“Listen,” he sighed. “I wouldn’t be telling you to move your boys unless this was serious. I have two kids of my own. I know how important stability is.” Tex is a dad? Wow. That kind of explains some of why he helped my kids. “Trust me.”
His last two words hung in the air—trust me—I didn’t trust anyone.
I’d blindly trusted two men in my life, both had fucked me over. One royally. The other had screwed me over in a way that I’d never forget—my boys would never forget.
“Tex, I hate to sound like a broken record, but—”
“There’s a hit out on you, Eva.”
Oh, fuck.
It was questionable which one of us, Max or me, tensed more. It looked like every muscle in his body had frozen, but every cell in mine burned.
“Wh-what?” I stammered.
“Who put out the hit?” Max inquired angrily.
“I’m still working on finding who put out the contract. The payout is low so there weren’t that many bites. But someone finally put in a bid, it was accepted this morning. You have a hitman-for-hire now hunting Eva.”
“Um… are you sure? You could be wrong, right?”
Dear God, I sounded like an idiot but my mind was buzzing. A hitman?
“Wish I were, Eva, but I’m not wrong.”
“I haven’t done anything,” I blurted out. “I swear it.”
Max’s glacial stare was still watchful, but now there was a sliver of pity.
God. I didn’t want his pity. I didn’t want anyone’s. I just wanted to be left alone me and my boys.
“The boys!”
“The contract is for one hit—you,” Tex gently told me.
“But just like before, they’ll use my boys, they’ll hurt—”
“Calm down, Eva,” Max snapped.
“Don’t you tell me to calm down. My boys are in danger—again. Because of me.”
I was up for the worst mother of the year. Fuck that, worst mother in history. Guilt flowed through my body and fear pounded in my chest.
Not my boys—not again. They’d been through enough because of me.
“I’m not going to let anything happen to you or them,” Max vowed. “Tex, how much time do you think we have?”
“You know I can’t tell you that. I tracked the IP to Idaho, but that means nothing.

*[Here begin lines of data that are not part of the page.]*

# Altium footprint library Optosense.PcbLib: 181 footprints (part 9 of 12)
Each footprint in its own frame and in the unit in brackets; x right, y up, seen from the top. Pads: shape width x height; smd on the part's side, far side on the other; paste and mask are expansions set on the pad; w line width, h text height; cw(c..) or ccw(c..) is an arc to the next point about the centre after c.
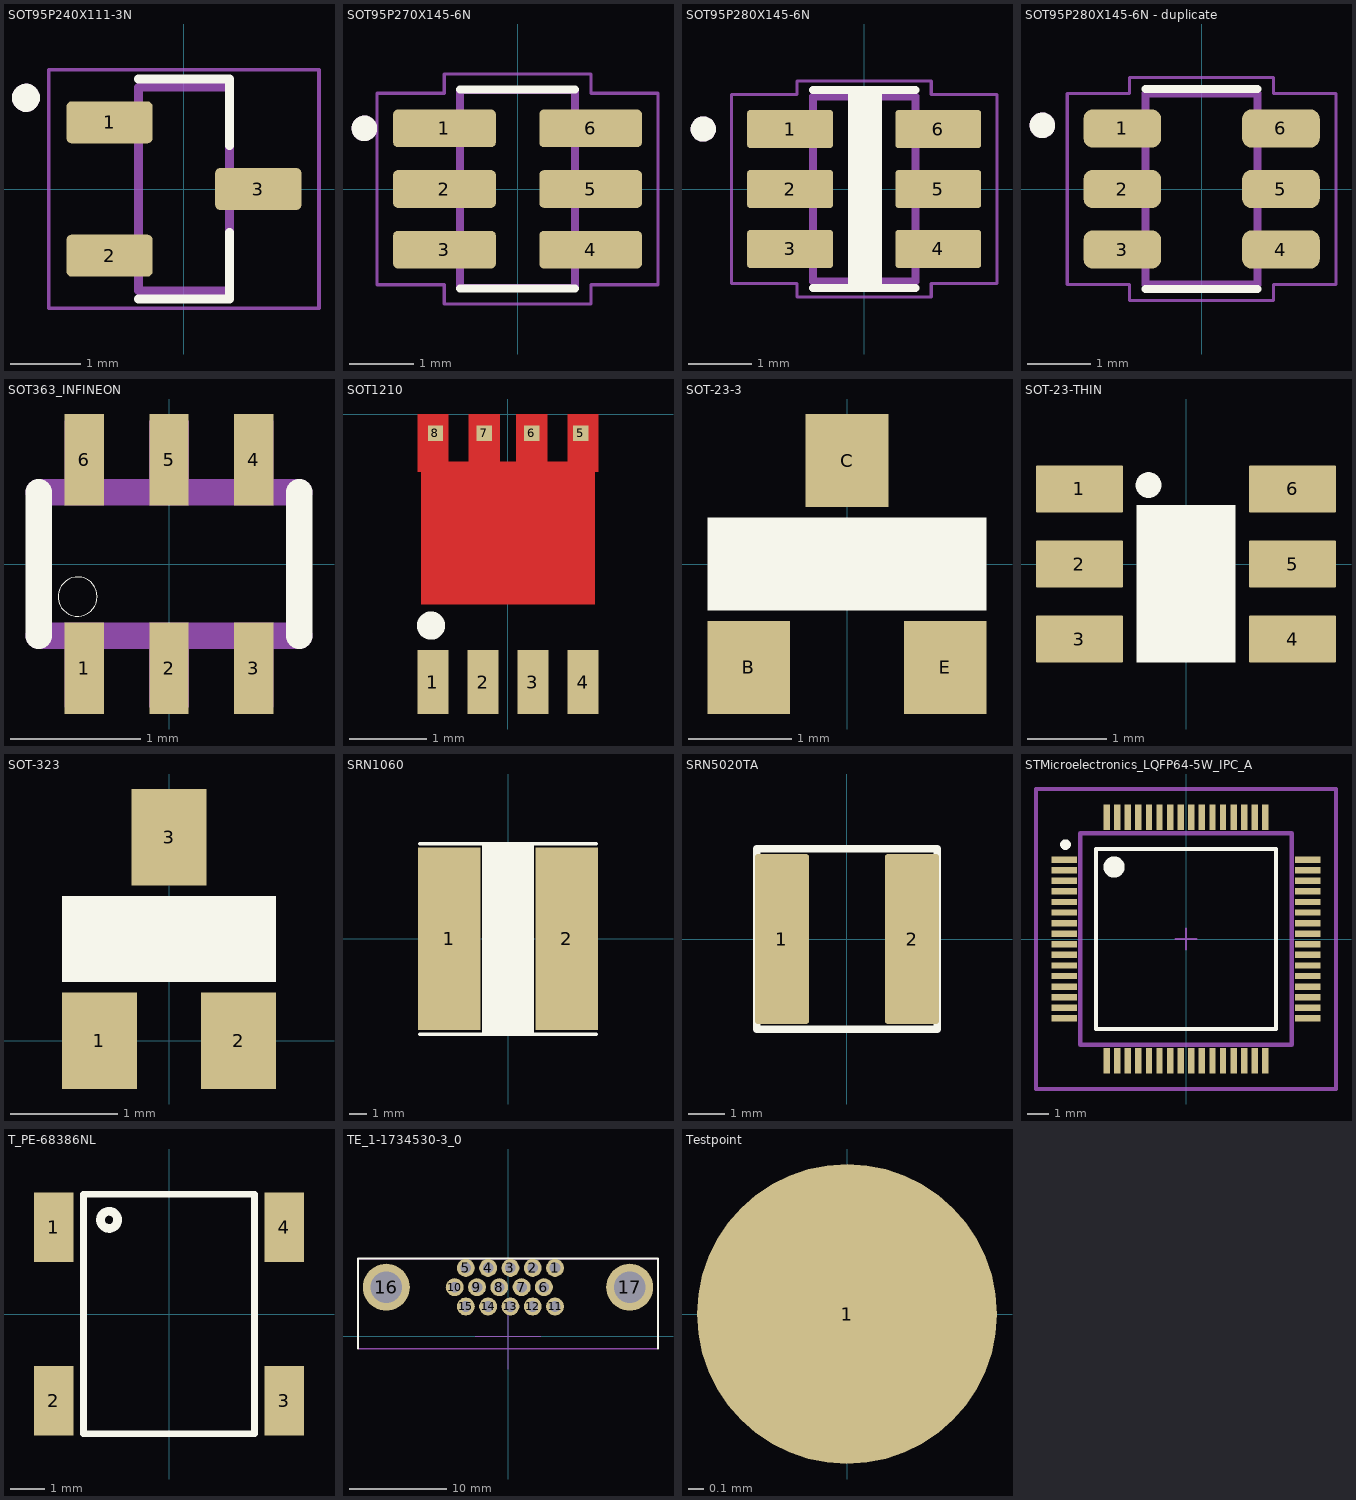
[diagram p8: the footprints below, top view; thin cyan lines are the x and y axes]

## SOT95P240X111-3N [mm]
pads (3):
  rrect25% 1.23x0.6 smd: 1(-1.06,0.95) 2(-1.06,-0.95) 3(1.06,0)
Top Overlay:
  circle w0.2: c-2.25,1.3 r0.1
  lines w0.127: -0.65,-1.57 0.65,-1.57 0.65,-0.62 ; -0.65,1.57 0.65,1.57 0.65,0.62
Mechanical 13:
  circle w0.2: c-2.25,1.3 r0.1
  lines w0.127: -0.65,-1.45 -0.65,1.45 0.65,1.45 0.65,-1.45 -0.65,-1.45
Mechanical 15:
  lines w0.05: -1.925,-1.7 1.925,-1.7 1.925,1.7 -1.925,1.7 -1.925,-1.7
3D body "step_temp.STEP": height 1.1, standoff 0, extent -1.15,-1.45 1.15,1.45

## SOT95P270X145-6N [mm]
pads (6):
  rrect25% 1.61x0.59 smd: 1(-1.145,0.95) 2(-1.145,0) 3(-1.145,-0.95) 4(1.145,-0.95) 5(1.145,0) 6(1.145,0.95)
Top Overlay:
  circle w0.2: c-2.4,0.95 r0.1
  lines w0.127: -0.9,-1.559 0.9,-1.559 ; -0.9,1.559 0.9,1.559
Mechanical 13:
  circle w0.2: c-2.4,0.95 r0.1
  lines w0.127: -0.9,-1.55 -0.9,1.55 0.9,1.55 0.9,-1.55 -0.9,-1.55
Mechanical 15:
  lines w0.05: -2.2,-1.5 -2.2,1.5 -1.15,1.5 -1.15,1.8 1.15,1.8 1.15,1.5 2.2,1.5 2.2,-1.5 1.15,-1.5 1.15,-1.8 -1.15,-1.8 -1.15,-1.5 -2.2,-1.5
3D body "USBLC6-2SC6Y--3DModel-STEP-56544.STEP": height 1.5, standoff 0.05, extent -1.43,-1.462 1.37,1.462

## SOT95P280X145-6N [mm]
pads (6):
  rrect15% 1.36x0.6 smd: 1(-1.175,0.95) 2(-1.175,0) 3(-1.175,-0.95) 4(1.175,-0.95) 5(1.175,0) 6(1.175,0.95)
Top Overlay:
  circle w0.2: c-2.55,0.95 r0.1
  rectangle: -0.254,-1.57 0.279,1.57
  lines w0.127: -0.813,-1.57 0.813,-1.57 ; -0.813,1.57 0.813,1.57
Mechanical 13:
  circle w0.2: c-2.55,0.95 r0.1
  lines w0.127: -0.813,-1.462 0.813,-1.462 0.813,1.462 -0.813,1.462 -0.813,-1.462
Mechanical 15:
  lines w0.05: -2.105,-1.5 -1.062,-1.5 -1.062,-1.713 1.062,-1.713 1.062,-1.5 2.105,-1.5 2.105,1.5 1.062,1.5 1.062,1.713 -1.062,1.713 -1.062,1.5 -2.105,1.5 -2.105,-1.5
3D body "USBLC6-2SC6Y--3DModel-STEP-56544.STEP": height 1.5, standoff 0.05, extent -1.4,-1.462 1.4,1.462

## SOT95P280X145-6N - duplicate [mm]
pads (6):
  rrect50% 1.22x0.6 smd: 1(-1.245,0.95) 2(-1.245,0) 3(-1.245,-0.95) 4(1.245,-0.95) 5(1.245,0) 6(1.245,0.95)
Top Overlay:
  circle w0.2: c-2.5,1 r0.1
  lines w0.127: -0.88,-1.57 0.88,-1.57 ; -0.88,1.57 0.88,1.57
Mechanical 13:
  circle w0.2: c-2.5,1 r0.1
  lines w0.127: -0.88,-1.5 0.88,-1.5 0.88,1.5 -0.88,1.5 -0.88,-1.5
Mechanical 15:
  lines w0.05: -2.11,-1.5 -2.11,1.5 -1.13,1.5 -1.13,1.75 1.13,1.75 1.13,1.5 2.11,1.5 2.11,-1.5 1.13,-1.5 1.13,-1.75 -1.13,-1.75 -1.13,-1.5 -2.11,-1.5

## SOT363_INFINEON [mm]
pads (6):
  rect 0.3x0.7 smd: 1(-0.65,-0.8) 2(0,-0.8) 3(0.65,-0.8) 4(0.65,0.8) 5(0,0.8) 6(-0.65,0.8)
Top Overlay:
  circle w0: c-0.7,-0.25 r0.15
  lines w0.203: -1,-0.55 -1,0.55 ; 1,-0.55 1,0.55
Mechanical 13:
  region: -0.5,0.6 -0.8,0.6 -0.8,1.1 -0.5,1.1
  region: 0.15,0.6 -0.15,0.6 -0.15,1.1 0.15,1.1
  region: 0.8,0.6 0.5,0.6 0.5,1.1 0.8,1.1
  region: 0.8,-1.1 0.5,-1.1 0.5,-0.6 0.8,-0.6
  region: 0.15,-1.1 -0.15,-1.1 -0.15,-0.6 0.15,-0.6
  region: -0.5,-1.1 -0.8,-1.1 -0.8,-0.6 -0.5,-0.6
  lines w0.203: -1,-0.55 1,-0.55 ; -1,0.55 1,0.55
3D body "User Library-sot363.STEP": height 1, standoff 0, extent -1.05,-1.15 1.05,1.15

## SOT1210 [mm]
pads (8):
  rect 0.4x0.83 smd: 1(-0.975,-3.485) 2(-0.325,-3.485) 3(0.325,-3.485) 4(0.975,-3.485)
  rect 0.2x0.2 smd: 5(0.944,-0.25) 6(0.309,-0.25) 7(-0.308,-0.25) 8(-0.943,-0.25)
Top Layer:
  region: -1.175,0 -1.175,-0.75 -1.125,-0.75 -1.125,-2.47 1.125,-2.47 1.125,-0.75 1.175,-0.75 1.175,0 0.775,0 0.775,-0.62 0.509,-0.62 0.509,0 0.109,0 0.109,-0.62 -0.109,-0.62 -0.109,0 -0.509,0 -0.509,-0.62 -0.775,-0.62 -0.775,0
Top Overlay:
  circle w0.254: c-1,-2.75 r0.056
Top Paste:
  region: -0.309,-1.91 -0.309,-2.42 -0.944,-2.42 -0.944,-1.91
  region: -1.125,0 -1.125,-0.75 -0.825,-0.75 -0.825,0
  region: -0.459,0 -0.459,-0.75 -0.159,-0.75 -0.159,0
  region: 0.159,0 0.159,-0.75 0.459,-0.75 0.459,0
  region: 1.125,0 1.125,-0.75 0.825,-0.75 0.825,0
  region: -0.309,-1.05 -0.309,-1.56 -0.944,-1.56 -0.944,-1.05
  region: 0.943,-1.05 0.943,-1.56 0.308,-1.56 0.308,-1.05
  region: 0.943,-1.91 0.943,-2.42 0.308,-2.42 0.308,-1.91
3D body "SOT1210.step": height 0.61, standoff -0.25, extent -1.638,-3.512 1.662,-0.212

## SOT-23-3 [mm]
height 1.025
pads (3):
  rect 0.8x0.9 smd: B(-0.95,-1) C(0,1) E(0.95,-1)
Top Overlay:
  rectangle: -1.35,-0.45 1.35,0.45
3D body "User Library-3-lead sot23-3.STEP": height 1, standoff -0.02, extent -1.46,-1.225 1.46,1.251

## SOT-23-THIN [mm]
height 1.1
pads (6):
  rrect5% 1.1x0.6 smd mask+0.07: 1(-1.35,0.95) 2(-1.35,0) 3(-1.35,-0.95) 4(1.35,-0.95) 5(1.35,0) 6(1.35,0.95)
Top Overlay:
  circle w0.254: c-0.475,1 r0.035
  rectangle: -0.625,-1.25 0.625,0.75
3D body "TPS54302DDCT.stp": height 1.1, standoff 0, extent -1.4,-1.45 1.4,1.45

## SOT-323 [mm]
height 1.1
pads (3):
  rect 0.7x0.9 smd: 1(-0.65,0) 2(0.65,0) 3(0,1.9)
Top Overlay:
  rectangle: -1,0.55 1,1.35
3D body "User Library-BC847BW.step": height 0.3, standoff -0.65, extent -1,-0.05 1,2.05

## Splitter [mm]
3D body "Splitter.step": height 26.51, standoff 0.6, extent -3.5,0 105.597,80

## SRN1060 [mm]
height 6
pads (2):
  rect 3.5x10.2 smd paste-5: 1(-3.3,0) 2(3.3,0)
Top Overlay:
  rectangle: -1.45,-5.35 1.45,5.325
  lines w0.2: -4.95,-5.35 4.95,-5.35 ; -4.95,5.325 4.95,5.325
Top Paste:
  rectangle: 2,-5 4.5,-3.5
  rectangle: 2,-3 4.5,-1.5
  rectangle: 2,-0.75 4.5,0.75
  rectangle: 2,1.5 4.5,3
  rectangle: 2,3.5 4.5,5
  rectangle: -4.5,-5 -2,-3.5
  rectangle: -4.5,-3 -2,-1.5
  rectangle: -4.5,-0.75 -2,0.75
  rectangle: -4.5,1.5 -2,3
  rectangle: -4.5,3.5 -2,5
3D body "WE-TPC_1038 (rev1).stp": height 3.8, standoff 0, extent -5,-5 5,5

## SRN5020TA [mm]
height 1.8
pads (2):
  rrect10% 1.5x4.7 smd: 1(-1.8,0) 2(1.8,0)
Top Overlay:
  lines w0.2: -2.5,-2.5 2.5,-2.5 2.5,2.5 -2.5,2.5 -2.5,-2.5

## STMicroelectronics_LQFP64-5W_IPC_A [mm]
pads (64):
  rect 1.2x0.3 smd paste+0 mask+0: 1(-5.75,3.75) 2(-5.75,3.25) 3(-5.75,2.75) 4(-5.75,2.25) 5(-5.75,1.75) 6(-5.75,1.25) 7(-5.75,0.75) 8(-5.75,0.25) 9(-5.75,-0.25) 10(-5.75,-0.75) 11(-5.75,-1.25) 12(-5.75,-1.75) 13(-5.75,-2.25) 14(-5.75,-2.75) 15(-5.75,-3.25) 16(-5.75,-3.75) 33(5.75,-3.75) 34(5.75,-3.25) 35(5.75,-2.75) 36(5.75,-2.25) 37(5.75,-1.75) 38(5.75,-1.25) 39(5.75,-0.75) 40(5.75,-0.25) 41(5.75,0.25) 42(5.75,0.75) 43(5.75,1.25) 44(5.75,1.75) 45(5.75,2.25) 46(5.75,2.75) 47(5.75,3.25) 48(5.75,3.75)
  rect 0.3x1.2 smd paste+0 mask+0: 17(-3.75,-5.75) 18(-3.25,-5.75) 19(-2.75,-5.75) 20(-2.25,-5.75) 21(-1.75,-5.75) 22(-1.25,-5.75) 23(-0.75,-5.75) 24(-0.25,-5.75) 25(0.25,-5.75) 26(0.75,-5.75) 27(1.25,-5.75) 28(1.75,-5.75) 29(2.25,-5.75) 30(2.75,-5.75) 31(3.25,-5.75) 32(3.75,-5.75) 49(3.75,5.75) 50(3.25,5.75) 51(2.75,5.75) 52(2.25,5.75) 53(1.75,5.75) 54(1.25,5.75) 55(0.75,5.75) 56(0.25,5.75) 57(-0.25,5.75) 58(-0.75,5.75) 59(-1.25,5.75) 60(-1.75,5.75) 61(-2.25,5.75) 62(-2.75,5.75) 63(-3.25,5.75) 64(-3.75,5.75)
Top Overlay:
  circle w0.25: c-5.691,4.46 r0.125
  circle w0.5: c-3.4,3.4 r0.25
  lines w0.2: -4.25,-4.25 4.25,-4.25 4.25,4.25 -4.25,4.25 -4.25,-4.25
Mechanical 10:
  lines w0.2: -7.085,-7.085 7.085,-7.085 7.085,7.085 -7.085,7.085 -7.085,-7.085
  text ".Designator" at 0,0 h1
Mechanical 12:
  lines w0.2: -5,-5 5,-5 5,5 -5,5 -5,-5
Mechanical 15:
  lines w0.1: -0.5,0 0.5,0 ; 0,-0.5 0,0.5
  lines w0.2: -7.085,-7.085 7.085,-7.085 7.085,7.085 -7.085,7.085 -7.085,-7.085
3D body "IC_STMicroelectronics_STM32G474RET6_eec.STEP": height 0.25, standoff 0, extent -7.085,-7.085 7.085,7.085

## T_PE-68386NL [mil]
pads (4):
  rect 45x80 smd: 1(-132.5,100) 2(-132.5,-100) 3(132.5,-100) 4(132.5,100)
Top Overlay:
  circle w10: c-68.9,108.27 r9.84
  lines w7.87: -98.43,-137.8 -98.43,137.8 98.43,137.8 98.43,-137.8 -98.43,-137.8
3D body "PE-68386NL--3DModel-Eagle-1.STEP": height 97.87, standoff -0.13, extent -170,-132.49 170,132.51

## TE_1-1734530-3_0 [mm]
pads (17):
  round 1.84 hole 1.09 paste-1000 mask+0: 1(4.83,7.04) 2(2.54,7.04) 3(0.25,7.04) 4(-2.04,7.04) 5(-4.33,7.04) 6(3.685,5.06) 7(1.395,5.06) 8(-0.895,5.06) 9(-3.185,5.06) 10(-5.475,5.06) 11(4.83,3.08) 12(2.54,3.08) 13(0.25,3.08) 14(-2.04,3.08) 15(-4.33,3.08)
  round 4.83 hole 3.2 paste-1000 mask+0: 16(-12.495,5.06) 17(12.495,5.06)
Top Overlay:
  lines w0.2: -15.4,-1.25 -15.4,8 15.4,8 15.4,-1.25
Mechanical 10:
  text ".Designator" at 0,0 h1
Mechanical 12:
  lines w0.152: -15.4,-1.25 15.4,-1.25 15.4,8 -15.4,8 -15.4,-1.25
Mechanical 15:
  lines w0.1: -3.387,0 3.387,0 ; 0,-3.387 0,3.387
3D body "VGA connector on plate (short).STEP": height 3.49, standoff -12.98, extent -15.4,-6.9 15.4,8

## Testpoint [mm]
pads (1):
  round 2 smd paste+0 mask+0: 1(0,0)
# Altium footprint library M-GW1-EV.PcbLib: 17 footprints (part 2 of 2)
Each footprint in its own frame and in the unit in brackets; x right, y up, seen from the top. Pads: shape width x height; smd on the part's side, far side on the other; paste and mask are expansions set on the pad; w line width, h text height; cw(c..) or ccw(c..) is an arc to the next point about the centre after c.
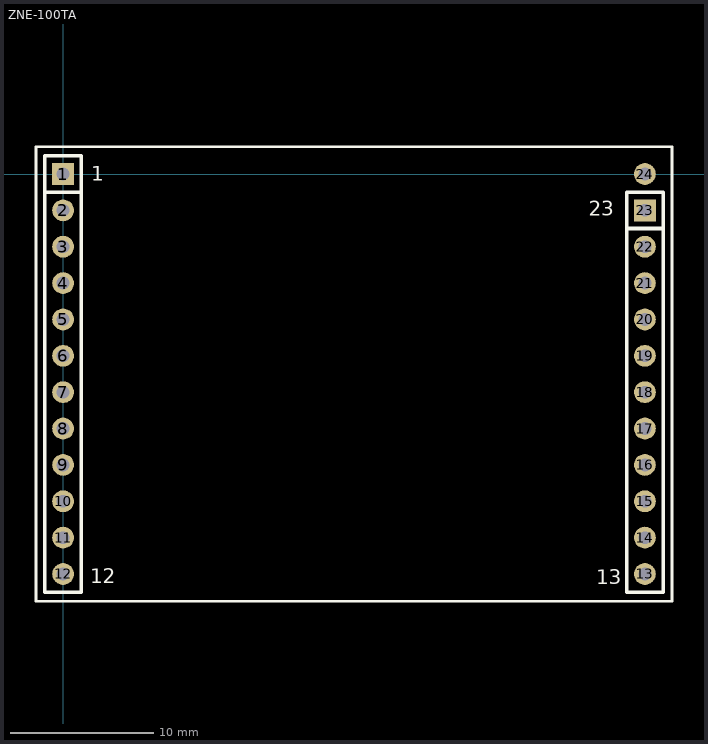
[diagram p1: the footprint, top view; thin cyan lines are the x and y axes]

## ZNE-100TA [mil]
height 133.86
pads (24):
  rect 60x60 hole 35: 1(0,0) 23(1600,-100)
  round 60 hole 35: 2(0,-100) 3(0,-200) 4(0,-300) 5(0,-400) 6(0,-500) 7(0,-600) 8(0,-700) 9(0,-800) 10(0,-900) 11(0,-1000) 12(0,-1100) 13(1600,-1100) 14(1600,-1000) 15(1600,-900) 16(1600,-800) 17(1600,-700) 18(1600,-600) 19(1600,-500) 20(1600,-400) 21(1600,-300) 22(1600,-200) 24(1600,0)
Top Overlay:
  lines w8: -75,-1175 1675,-1175 1675,75 -75,75 -75,-1175
  lines w10: -50,-50 50,-50 ; 1550,-850 1550,-50 ; 1550,-150 1650,-150 ; 1550,-50 1550,-1150 1650,-1150 1650,-50 1550,-50 ; -50,-1150 -50,50 50,50 50,-1150 -50,-1150
  text "13" at 1466,-1128 h40
  text "12" at 74,-1126 h40
  text "23" at 1445,-115 h40
  text "1" at 77,-19 h40

Though with the low payout, I doubt we’re dealing with a professional.”
Low payout, oh my God. I’m not even worth the cost of a professional.
“Keep digging and call us back,” Max told Tex.
“Stay safe.”
Tex disconnected and Max set his phone down and studied me. Not that he hadn’t been focusing on me through the conversation, but now he seemed to be working something out in his mind.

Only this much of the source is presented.